GR L 16029; (October, 1960) (Digest)
G.R. No. L-16029; October 21, 1960
STANDARD-VACUUM OIL COMPANY, plaintiff, vs. LORETO PAZ and GLOBE ASSURANCE COMPANY, INC., defendants. GLOBE ASSURANCE COMPANY, INC., cross plaintiff-appellant, vs. LORETO PAZ and MAXIMA PAZ, cross defendants-appellees.
FACTS
On September 21, 1953, Loreto Paz entered into a Reseller Sales Agreement with Standard Vacuum Oil Company (Stanvac). On April 12, 1955, Paz executed another Reseller Sales Agreement with Stanvac. The sole witness for Stanvac testified that the 1955 agreement was exactly the same as the 1953 agreement, being a regular company form, and was merely a continuation of the first. About four months after the second agreement, on August 4, 1955, Globe Assurance Company, Inc. executed Undertakings of Suretyship (Exhibits “C” and “D”) in favor of Stanvac. Stanvac subsequently supplied petroleum products to Paz, who incurred an indebtedness of P13,984.78 as of April 1957. Stanvac filed a complaint against Paz as principal debtor and Globe as surety. The Court of First Instance of Manila rendered a joint and several judgment against Paz and Globe for the amount, plus interest and attorney’s fees. On Globe’s cross-claim, it also sentenced the spouses Loreto and Maxima Paz (as indemnitors) to reimburse Globe for any amount it pays to Stanvac. Globe appealed, contending its liability as surety was limited strictly to the obligations under the 1953 Reseller Sales Agreement specifically referred to in its suretyship contract and did not extend to obligations under the 1955 agreement.
ISSUE
Whether the liability of the surety, Globe Assurance Company, Inc., under its Undertaking of Suretyship extends to cover the obligations of the buyer, Loreto Paz, arising from the Reseller Sales Agreement executed on April 12, 1955.
RULING
Yes, the liability of the surety extends to the obligations under the 1955 agreement. The Court found Globe’s contention untenable. The 1955 agreement did not terminate the 1953 agreement, as evidenced by the parties leaving blank the spaces in the clause “This cancels and supersedes Reseller Sales Agreement No. …… dated………” found in the 1955 contract. The testimony established the 1955 agreement was a mere continuation or renewal of the first. Both agreements were identical and provided they would remain in force indefinitely, subject to 30 days’ written notice of cancellation. Therefore, the buyer’s obligation under the 1953 agreement (guaranteed by Globe) was a continuing one until cancelled, and the 1955 agreement merely continued it, leaving the surety’s liability unaffected.

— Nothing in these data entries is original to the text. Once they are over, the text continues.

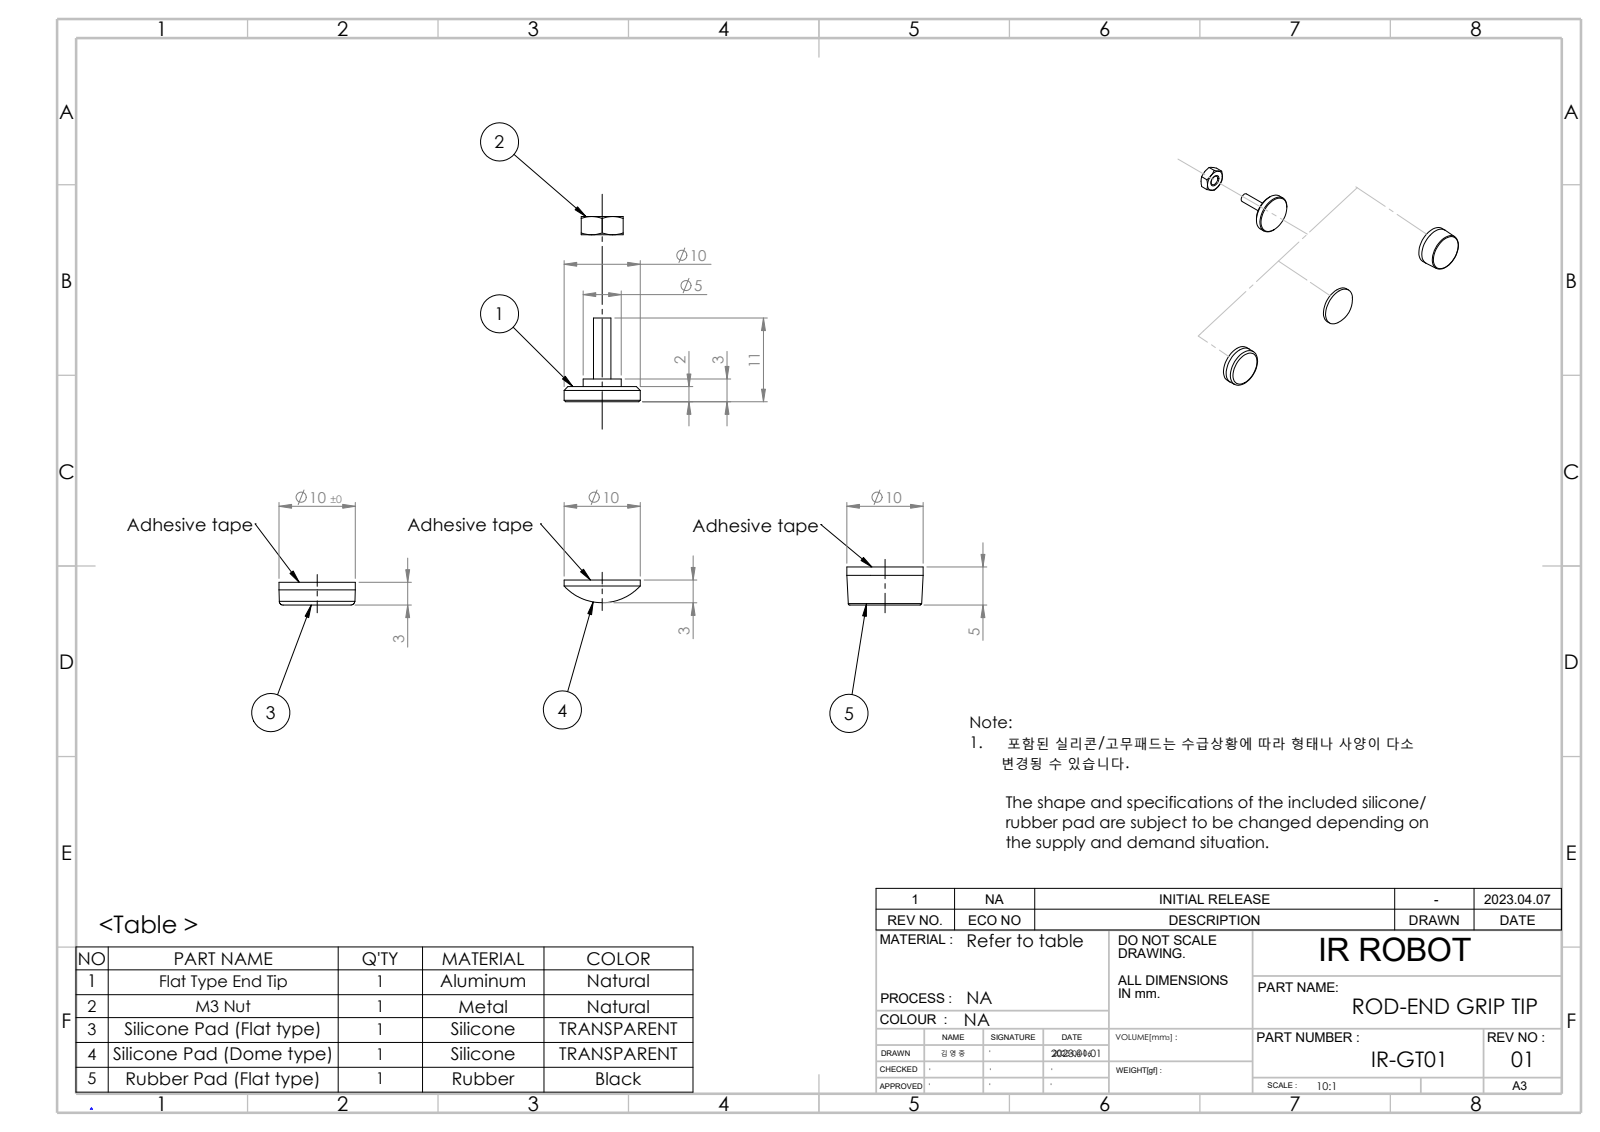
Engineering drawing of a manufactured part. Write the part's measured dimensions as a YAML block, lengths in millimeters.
part_name: "Silicone Pad (Flat type)_D10_3T; Silicone Pad (Dome type)_D10_3T; M3 Nut; Rubber Pad (Flat type)_D10_5T (+2 more)"
step_written_by: "SolidWorks 2016 (AUTOMOTIVE_DESIGN)"
units: millimeters
bodies: {solids: 5, faces: 63, planar: 17, cylindrical: 16, other: 30}
overall_size: [84.53, 50.98, 27.38]
volume: 1023
surface_area: 1127
round_holes:
  - {diameter: 2.5, count: 1}
  - {diameter: 3, count: 1}
round_bosses_or_shafts:
  - {diameter: 10, count: 4}
  - {diameter: 5, count: 1}
  - {diameter: 2.3, count: 1}
face_to_face_distances: [2, 23.67, 3, 26.67, 5, 1.7, 3.3, 21.67, 23.37, 25.37]

Furthermore, the terms of the Undertaking of Suretyship itself were broader than the specific Reseller Sales Agreement. Paragraph 2 of the undertaking guaranteed not only the covenants in the Reseller Sales Agreement but also: (1) the payment of the purchase price of merchandise sold on credit to the buyer before and after August 4, 1955; (2) the payment of all sums advanced by Stanvac for the buyer’s account; and (3) the payment of all rentals under any lease agreement between the parties. Paragraph 3 expressly agreed to reimburse Stanvac for any loss suffered through any default of the buyer. The Court concluded the suretyship contract was more comprehensive than the sales agreement and covered liabilities incurred in connection with the business relationship between Stanvac and Paz. The payment by another insurance company on Paz’s total debt did not affect Globe’s liability, as the suretyship agreement expressly stated Globe’s liability would not be affected by any other security received by Stanvac. The decision of the lower court was affirmed.